We have now focusing on five therapeutic areas where there is significant unmet need and where we as a company believe that we have unique expertise that would help us bring solutions in the space: Cardiovascular and metabolic diseases, immunology and inflammation, neurosciences, oncology and vaccines. We also have areas of focus in biosimilars and rare diseases. We are enthusiastic about the pipeline we have in these areas and also the way we are approaching innovation through collaborations and partnerships. Our focus on specific areas, quality of molecules, and the collaborative nature [of research and development] is novel in many ways and really exciting.
Many companies bring different compounds through the pipeline and if we stop development, those compounds don't continue to develop for many reasons.

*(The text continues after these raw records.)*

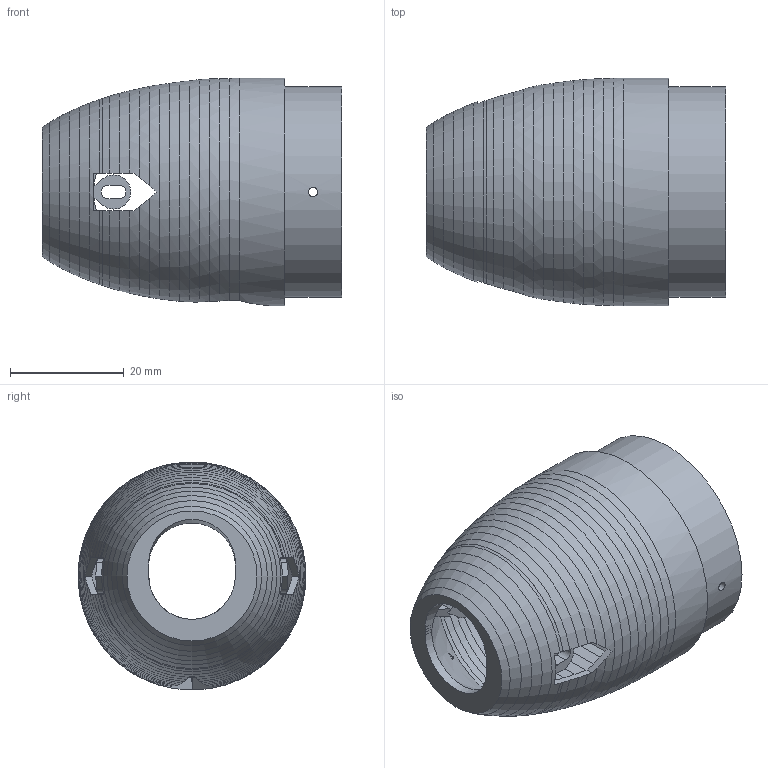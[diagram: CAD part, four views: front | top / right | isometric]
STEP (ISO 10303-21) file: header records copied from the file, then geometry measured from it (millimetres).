
FILE_DESCRIPTION(('Open CASCADE Model'),'2;1');
FILE_NAME('Open CASCADE Shape Model','2026-10-04T21:26:20',('Author'),( 'Open CASCADE'),'Open CASCADE STEP processor 7.9','Open CASCADE 7.9' ,'Unknown');
FILE_SCHEMA(('AUTOMOTIVE_DESIGN { 1 0 10303 214 1 1 1 1 }'));
Length unit declared in the file: millimetre
Products named in the file (1): Open CASCADE STEP translator 7.9 8
Bounding box: 52.5 x 40 x 40 mm (x, y, z)
Volume: 11147.4 mm3; surface area: 13059 mm2
Topology: 1 solids, 1 shells, 281 faces, 816 edges, 536 vertices
Faces by surface type: plane 152, cone 62, cylinder 35, bspline 32
Full cylindrical faces by diameter (mm): 1.6 x2, 33.8 x1, 37 x1, 40 x1
Entity records: 23104 total; most frequent: CARTESIAN_POINT 8273, DIRECTION 2436, ORIENTED_EDGE 1632, PCURVE 1632, DEFINITIONAL_REPRESENTATION 1632, LINE 1043, VECTOR 1043, EDGE_CURVE 816

These compounds exist in large and small companies and some of these compounds have never reached the market place. The idea behind repurposing is to go back and see if there is something other than what we looked at it for. We didn't see something else to do with this but maybe someone in other therapeutic area may have ideas about this compound. Thus, we are participating in two programs, including the World Intellectual Property Organization (WIPO) has a program called RE-SEARCH. This group has received compounds from various companies from around the world. The government, academic institutions, and NGOs look at the data and try to utilize the compounds for other diseases. This is like crowd-sourcing R&D.
Another program that we are associated with is a repurposing program run through the National Center for Advancement of Translational Sciences (NCATS), which is a new division at the National Institutes of Health (NIH) in the United States. We set up a platform where eight companies have contributed molecules which have not made to market; they appear safe, but development was stopped as the data didn't appear to be as robust in the indications that we were studying. Now, through the NCATS program, scientists can study these molecules for potential use in other diseases. I am excited about these two because I believe in using what you have and these [molecules] are among the most underutilized resources that we have. This is a form of meta-collaboration. NGOs, government, and others are coming together with the private sector to see what we can do to tackle the vexing problems in healthcare.
The pharma industry, especially R&D, is enduring significant changes. Many pharma companies are looking for new and more effective R&D models. Is Pfizer looking at making more changes and adjustments?
We are doing a lot of things because everyone is under the pressure to improve productivity. A part of what we do is focus on quality. We have made some challenging decisions to focus on 5 therapeutic areas, for example. Focus is one of the important elements to improve productivity. We have a lot of work ongoing that improves the quality of molecules that move forward all intending to focus on best possible success and the scientific, medical and commercial aspects of our molecules.